The national rate of delayed transfers of care has soared to its highest ever level, threatening the better care fund’s ambition to cut costs by improving the transfer of patients from hospital to other care settings.
HSJ analysis of official figures has revealed a 7 per cent rise in the number of days patients’ discharge from hospitals have been delayed - from 1.4 million over 12 months to September 2013-14 to 1.5 million over the same period to September 2014-15.
This increasing rate has gathered momentum over the past 12 months and follows two years of being broadly flat.
According to our analysis, the annual rate began its ascent above 1.39 million in September last year after hovering at around 1.38 million over 25 months from August 2011 - the first time there was a full year of data available.
Delayed transfers of care are a key metric for the better care fund.
As part of the initiative, each area must explain how their integration plans will reduce the number of delayed transfers.
The rate has risen more than 6 per cent since last December, when delayed transfers of care were first named as a measure for judging the fund’s performance.
According to NHS England and the Department of Health, the total predicted cuts to delayed transfers across all better care fund plans totals 100,962 delayed days by the end of 2015-16 - a 7.5 per cent fall from the baseline year of 2013-14.
This would bring the rate down to about 1.3 million delayed days per year - the lowest level they have been since they were reported in their current form in 2010.
However, HSJ analysis shows the annual rate of delayed transfers has risen by more than 77,000 since the end of 2013-14, when the baseline was set.
Such a situation will require a fall by about 12 per cent from their current peak and a reversal on the current sharply increasing trend in order for the better care fund’s ambition to reduce delayed transfers is to be achieved.

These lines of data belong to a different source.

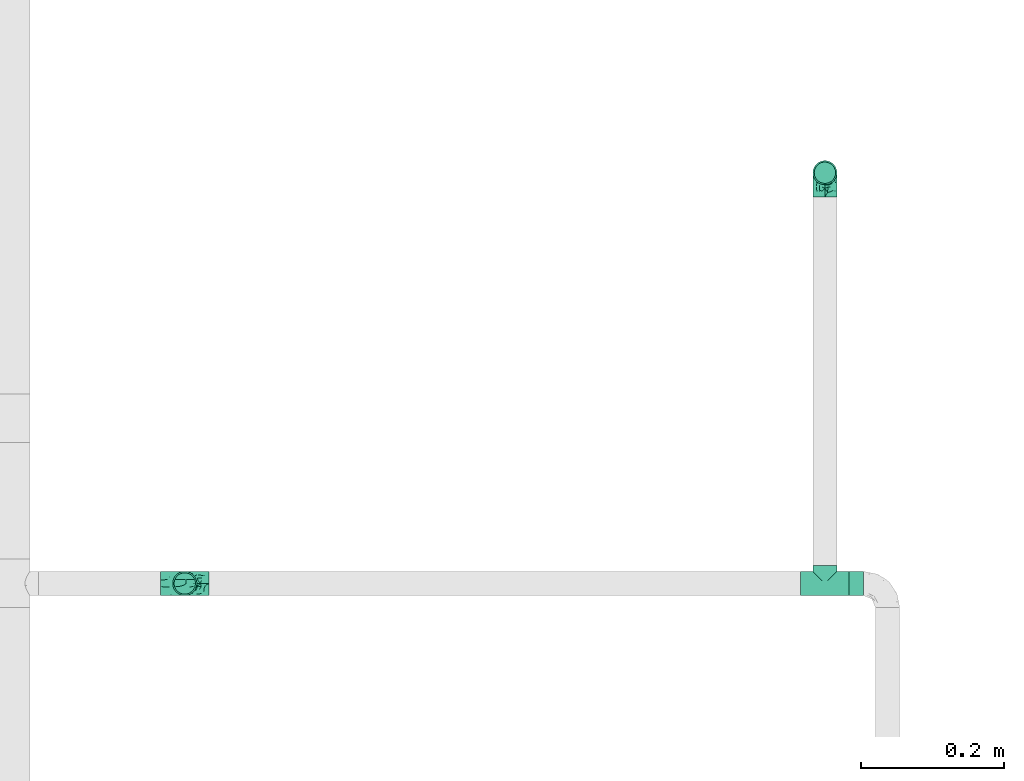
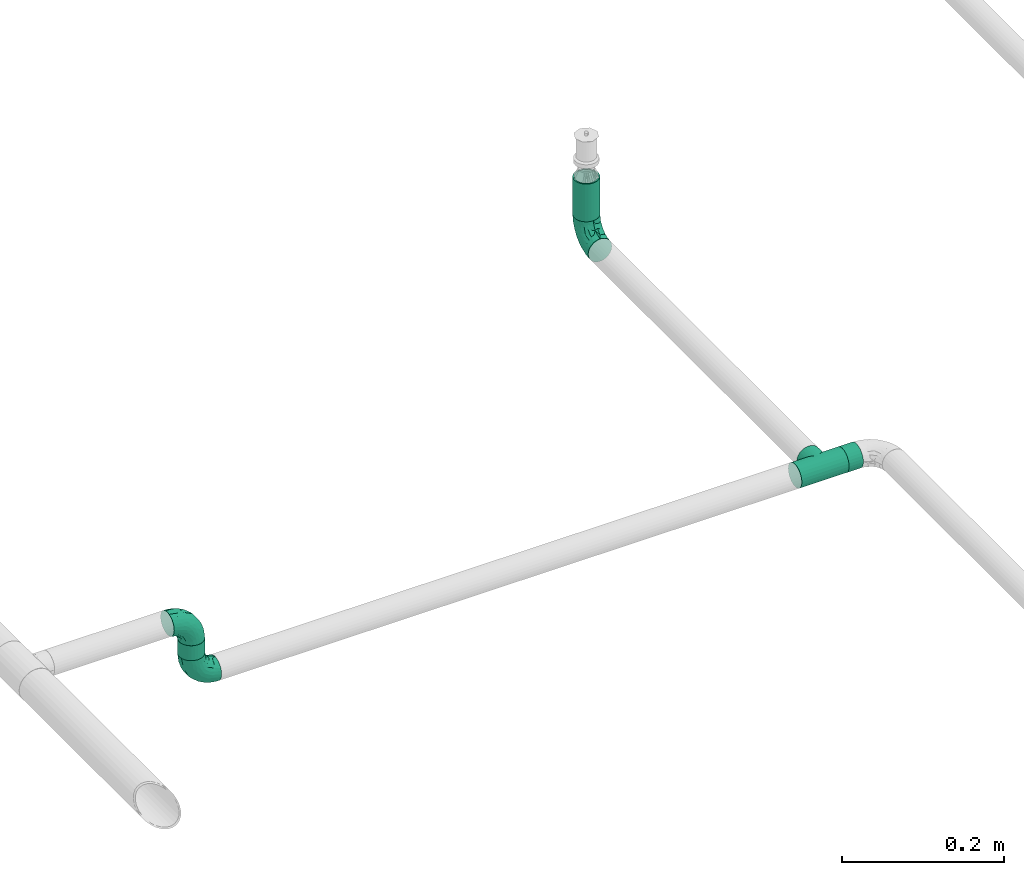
# One storey, part 124 of 157: 4 flow fittings, 3 flow segments.
"""IFC2X3 building model written with IfcOpenShell, lengths in millimetres."""

import ifcopenshell
import ifcopenshell.guid

model = None  # the IFC model being written
_history = None  # IfcOwnerHistory: only IFC2X3 demands one
_inside = {}  # id of a spatial element -> (the spatial element, [elements in it])
_under = {}  # id of a project, library or spatial element -> (it, [spatial elements below it])
_declared = {}  # id of a project -> (the project, [libraries it declares])
_typed = {}  # id of a type object -> (the type object, [elements of that type])
_made_of = {}  # id of a material, layer set ... -> (it, [elements and type objects made of it])


def new_model(schema):
    """Start an empty IFC model of exactly this schema.

    Asked for "IFC4X3", IfcOpenShell would pick the latest addendum, in which some entities
    have other attributes; the version numbers below select the first issue.
    IFC2X3 requires an IfcOwnerHistory on every rooted entity: one is made here for all.
    """
    global model, _history
    if schema == "IFC4X3":
        model = ifcopenshell.file(schema_version=(4, 3, 0, 0))
    else:
        model = ifcopenshell.file(schema=schema)
    _inside.clear()
    _under.clear()
    _declared.clear()
    _typed.clear()
    _made_of.clear()
    _history = None
    if model.schema == "IFC2X3":
        org = make("IfcOrganization", Name="unknown")
        user = make(
            "IfcPersonAndOrganization",
            ThePerson=make("IfcPerson", FamilyName="unknown"),
            TheOrganization=org,
        )
        app = make(
            "IfcApplication",
            ApplicationDeveloper=org,
            Version="unknown",
            ApplicationFullName="unknown",
            ApplicationIdentifier="unknown",
        )
        _history = make(
            "IfcOwnerHistory",
            OwningUser=user,
            OwningApplication=app,
            ChangeAction="ADDED",
            CreationDate=0,
        )
    return model


def make(cls, **values):
    """One entity of the class cls with the attributes given. An attribute that is None is left unset."""
    return model.create_entity(
        cls, **{name: value for name, value in values.items() if value is not None}
    )


def entity(cls, *values):
    """Any entity or typed value of the class cls, its attributes in the order of the schema. None: left unset."""
    e = model.create_entity(cls)
    for i, value in enumerate(values):
        if value is not None:
            e[i] = value
    return e


def rooted(cls, **values):
    """An entity with a GlobalId (a new one), such as an element, a storey or a relation."""
    return make(cls, GlobalId=ifcopenshell.guid.new(), OwnerHistory=_history, **values)


def si_unit(unit_type, name, prefix=None):
    """IfcSIUnit, for example si_unit("LENGTHUNIT", "METRE", prefix="MILLI")."""
    return make("IfcSIUnit", UnitType=unit_type, Prefix=prefix, Name=name)


def converted_unit(unit_type, name, factor, base, dimensions=None, offset=None):
    """IfcConversionBasedUnit, such as the inch: factor (a typed value) times the base unit."""
    return make(
        "IfcConversionBasedUnit"
        if offset is None
        else "IfcConversionBasedUnitWithOffset",
        ConversionOffset=offset,
        Dimensions=None
        if dimensions is None
        else entity("IfcDimensionalExponents", *dimensions),
        UnitType=unit_type,
        Name=name,
        ConversionFactor=make(
            "IfcMeasureWithUnit", ValueComponent=factor, UnitComponent=base
        ),
    )


def derived_unit(unit_type, elements):
    """IfcDerivedUnit: a product of units, each with its exponent."""
    return make(
        "IfcDerivedUnit",
        Elements=[
            make("IfcDerivedUnitElement", Unit=unit, Exponent=power)
            for unit, power in elements
        ],
        UnitType=unit_type,
    )


def assignment(units):
    """IfcUnitAssignment: the units of a project."""
    return None if units is None else make("IfcUnitAssignment", Units=units)


def point(xyz):
    """IfcCartesianPoint."""
    return None if xyz is None else make("IfcCartesianPoint", Coordinates=xyz)


def direction(xyz):
    """IfcDirection."""
    return None if xyz is None else make("IfcDirection", DirectionRatios=xyz)


def frame(location, z_axis=None, x_axis=None):
    """IfcAxis2Placement3D, a coordinate frame: its origin and axes. An axis left out is left unset."""
    return make(
        "IfcAxis2Placement3D",
        Location=point(location),
        Axis=direction(z_axis),
        RefDirection=direction(x_axis),
    )


def frame_2d(location, x_axis=None):
    """IfcAxis2Placement2D, a coordinate frame in the plane: its origin and x axis."""
    return make(
        "IfcAxis2Placement2D", Location=point(location), RefDirection=direction(x_axis)
    )


def origin_with_axes():
    """The frame at (0, 0, 0) with the z axis (0, 0, 1) and the x axis (1, 0, 0) written out."""
    return frame((0.0, 0.0, 0.0), z_axis=(0.0, 0.0, 1.0), x_axis=(1.0, 0.0, 0.0))


def origin_2d_with_axis():
    """The frame at (0, 0) in the plane with the x axis (1, 0) written out."""
    return frame_2d((0.0, 0.0), x_axis=(1.0, 0.0))


def place(relative_to, where):
    """IfcLocalPlacement: puts the frame where relative to a parent placement (None: the world)."""
    return make(
        "IfcLocalPlacement", PlacementRelTo=relative_to, RelativePlacement=where
    )


def context(
    kind, dimensions, precision=None, world=None, true_north=None, identifier=None
):
    """IfcGeometricRepresentationContext, for example the 3D "Model" context."""
    return make(
        "IfcGeometricRepresentationContext",
        ContextIdentifier=identifier,
        ContextType=kind,
        CoordinateSpaceDimension=dimensions,
        Precision=precision,
        WorldCoordinateSystem=world,
        TrueNorth=true_north,
    )


def subcontext(parent, identifier, kind, view, scale=None):
    """IfcGeometricRepresentationSubContext, for example "Body" below "Model"."""
    return make(
        "IfcGeometricRepresentationSubContext",
        ContextIdentifier=identifier,
        ContextType=kind,
        ParentContext=parent,
        TargetScale=scale,
        TargetView=view,
    )


def project(units=None, contexts=None):
    """IfcProject with its units and contexts."""
    return rooted(
        "IfcProject",
        Name="project",
        RepresentationContexts=contexts,
        UnitsInContext=assignment(units),
    )


def spatial(cls, under=None, at=None, **own):
    """A site, building, storey or space (cls), placed at a placement, below another one or the project."""
    s = rooted(cls, ObjectPlacement=at, **own)
    if under is not None:
        _under.setdefault(under.id(), (under, []))[1].append(s)
    return s


def profile(cls, at=None, kind="AREA", **sizes):
    """A parametric profile (cls). Its sizes go by their IFC names, for example OverallWidth=200.0."""
    return make(cls, ProfileType=kind, Position=at, **sizes)


def hollow_circle(**sizes):
    """IfcCircleHollowProfileDef."""
    return profile("IfcCircleHollowProfileDef", **sizes)


def extrude(swept, where, along, depth):
    """IfcExtrudedAreaSolid: the profile swept, set in the frame where, extruded along a direction by depth."""
    return make(
        "IfcExtrudedAreaSolid",
        SweptArea=swept,
        Position=where,
        ExtrudedDirection=direction(along),
        Depth=depth,
    )


def faces_of(points, faces, orient=None, outer=None):
    """IfcFace entities. A face is a list of loops; a loop is a list of indices into points, from 0.

    orient and outer hold one flag for each loop. By default every Orientation is true, the
    first loop of a face is its IfcFaceOuterBound and the others are IfcFaceBound.
    """
    made = []
    for i, loops in enumerate(faces):
        bounds = []
        for j, loop in enumerate(loops):
            is_outer = j == 0 if outer is None else outer[i][j]
            bounds.append(
                make(
                    "IfcFaceOuterBound" if is_outer else "IfcFaceBound",
                    Bound=make("IfcPolyLoop", Polygon=[points[k] for k in loop]),
                    Orientation=True if orient is None else orient[i][j],
                )
            )
        made.append(make("IfcFace", Bounds=bounds))
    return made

Based on an average bed day cost of around £300, the better care fund’s total projected savings through cutting delayed transfers only amount to £31m - around 6 per cent of the total planned better care fund savings.
Many health economies believe delayed transfers are one of the most problematic performance challenges they face.
This is because each delayed day has a knock-on effect on hospital capacity and the ability for trusts to admit patients for either elective or emergency care.
King’s Fund policy director Richard Murray said HSJ’s analysis supports “a consistent picture of rising distress in the system”.
He added that the delayed transfer rate, as it is currently published, was “probably the tip of the iceberg” of what trusts were experiencing as it underestimates the strain delayed transfers were put on the system.
“There will be other patients that have not gone through all the admin and bureaucracy about being classified as delayed, but do not need to be in hospital,” he said.
NHS England’s figures show that the total number of delays for which NHS organisations are responsible is rising as a proportion of the total, while the number caused by social care providers is falling.
This aspect of the data is disputed, however.
Last year Commons health committee said the figures were “incredible” because they contradicted accounts from senior NHS clinicians who said that social care was increasingly to blame. But the DH retorted that both it and NHS England were confident in the credibility of the data.